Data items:
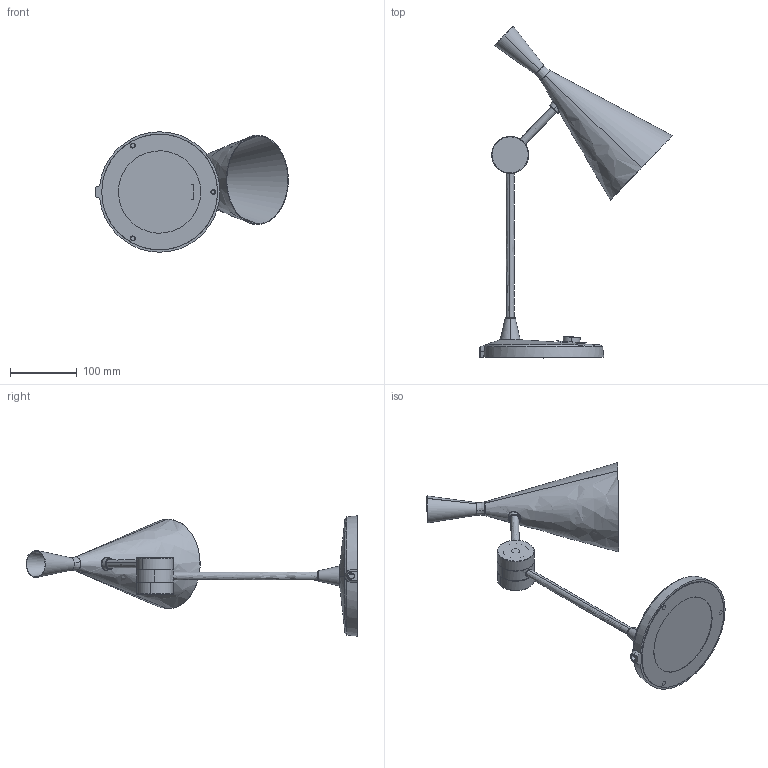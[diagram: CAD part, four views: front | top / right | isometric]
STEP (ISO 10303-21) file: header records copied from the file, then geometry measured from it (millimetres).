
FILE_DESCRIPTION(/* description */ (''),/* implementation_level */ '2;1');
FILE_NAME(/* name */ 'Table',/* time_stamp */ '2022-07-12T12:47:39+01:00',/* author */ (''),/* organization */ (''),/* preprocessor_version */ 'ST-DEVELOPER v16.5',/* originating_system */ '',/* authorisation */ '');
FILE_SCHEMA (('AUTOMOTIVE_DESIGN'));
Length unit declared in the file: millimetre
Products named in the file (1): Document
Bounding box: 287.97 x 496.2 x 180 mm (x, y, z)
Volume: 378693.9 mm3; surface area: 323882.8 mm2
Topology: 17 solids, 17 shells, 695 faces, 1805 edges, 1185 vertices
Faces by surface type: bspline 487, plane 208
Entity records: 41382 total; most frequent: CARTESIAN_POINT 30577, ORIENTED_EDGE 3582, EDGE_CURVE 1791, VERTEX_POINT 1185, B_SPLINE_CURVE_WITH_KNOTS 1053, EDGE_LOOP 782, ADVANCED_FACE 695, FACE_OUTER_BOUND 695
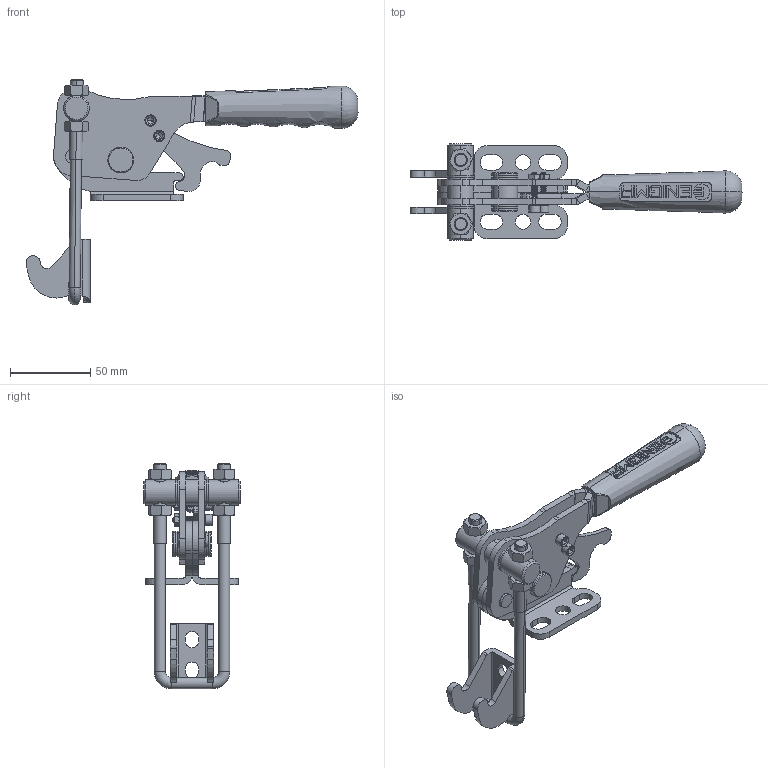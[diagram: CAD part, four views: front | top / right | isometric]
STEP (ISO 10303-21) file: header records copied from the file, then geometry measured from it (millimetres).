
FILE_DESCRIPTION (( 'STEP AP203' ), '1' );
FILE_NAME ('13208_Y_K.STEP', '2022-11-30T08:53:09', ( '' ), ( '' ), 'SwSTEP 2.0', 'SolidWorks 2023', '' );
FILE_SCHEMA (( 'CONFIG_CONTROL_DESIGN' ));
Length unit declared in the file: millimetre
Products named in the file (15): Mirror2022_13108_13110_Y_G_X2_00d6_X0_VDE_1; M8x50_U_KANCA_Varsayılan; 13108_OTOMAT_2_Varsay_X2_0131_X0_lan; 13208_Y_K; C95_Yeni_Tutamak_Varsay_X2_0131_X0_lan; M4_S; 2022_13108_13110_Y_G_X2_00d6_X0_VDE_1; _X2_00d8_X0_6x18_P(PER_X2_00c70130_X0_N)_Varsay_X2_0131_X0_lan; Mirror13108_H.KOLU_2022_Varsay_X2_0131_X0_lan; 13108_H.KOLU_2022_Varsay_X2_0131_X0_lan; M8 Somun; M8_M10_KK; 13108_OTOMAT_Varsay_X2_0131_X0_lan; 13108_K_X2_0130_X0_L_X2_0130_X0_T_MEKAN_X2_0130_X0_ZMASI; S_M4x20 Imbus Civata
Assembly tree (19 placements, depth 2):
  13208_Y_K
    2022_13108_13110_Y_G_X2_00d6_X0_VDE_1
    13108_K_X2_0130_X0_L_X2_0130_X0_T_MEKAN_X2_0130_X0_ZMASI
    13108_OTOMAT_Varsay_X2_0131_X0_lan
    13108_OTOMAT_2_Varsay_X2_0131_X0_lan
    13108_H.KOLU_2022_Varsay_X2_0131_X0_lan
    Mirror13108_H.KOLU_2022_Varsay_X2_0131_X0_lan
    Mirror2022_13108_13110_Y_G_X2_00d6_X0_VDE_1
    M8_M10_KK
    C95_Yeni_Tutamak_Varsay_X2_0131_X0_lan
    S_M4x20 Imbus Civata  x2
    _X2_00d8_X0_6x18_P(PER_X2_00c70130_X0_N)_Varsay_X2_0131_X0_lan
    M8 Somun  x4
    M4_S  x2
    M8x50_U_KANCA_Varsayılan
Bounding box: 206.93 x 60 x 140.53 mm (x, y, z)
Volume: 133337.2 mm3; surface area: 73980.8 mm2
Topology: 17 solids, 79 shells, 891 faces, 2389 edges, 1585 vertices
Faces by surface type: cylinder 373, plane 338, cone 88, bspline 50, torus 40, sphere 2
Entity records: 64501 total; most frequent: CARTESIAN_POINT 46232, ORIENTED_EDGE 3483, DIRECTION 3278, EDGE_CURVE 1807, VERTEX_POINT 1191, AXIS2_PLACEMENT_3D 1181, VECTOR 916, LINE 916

PROBLEM DESCRIPTION:
Every line above with the word "edges" belongs in the answer, copied as written.

WRITTEN ANSWER:
Topology: 17 solids, 17 shells, 695 faces, 1805 edges, 1185 vertices
Topology: 17 solids, 79 shells, 891 faces, 2389 edges, 1585 vertices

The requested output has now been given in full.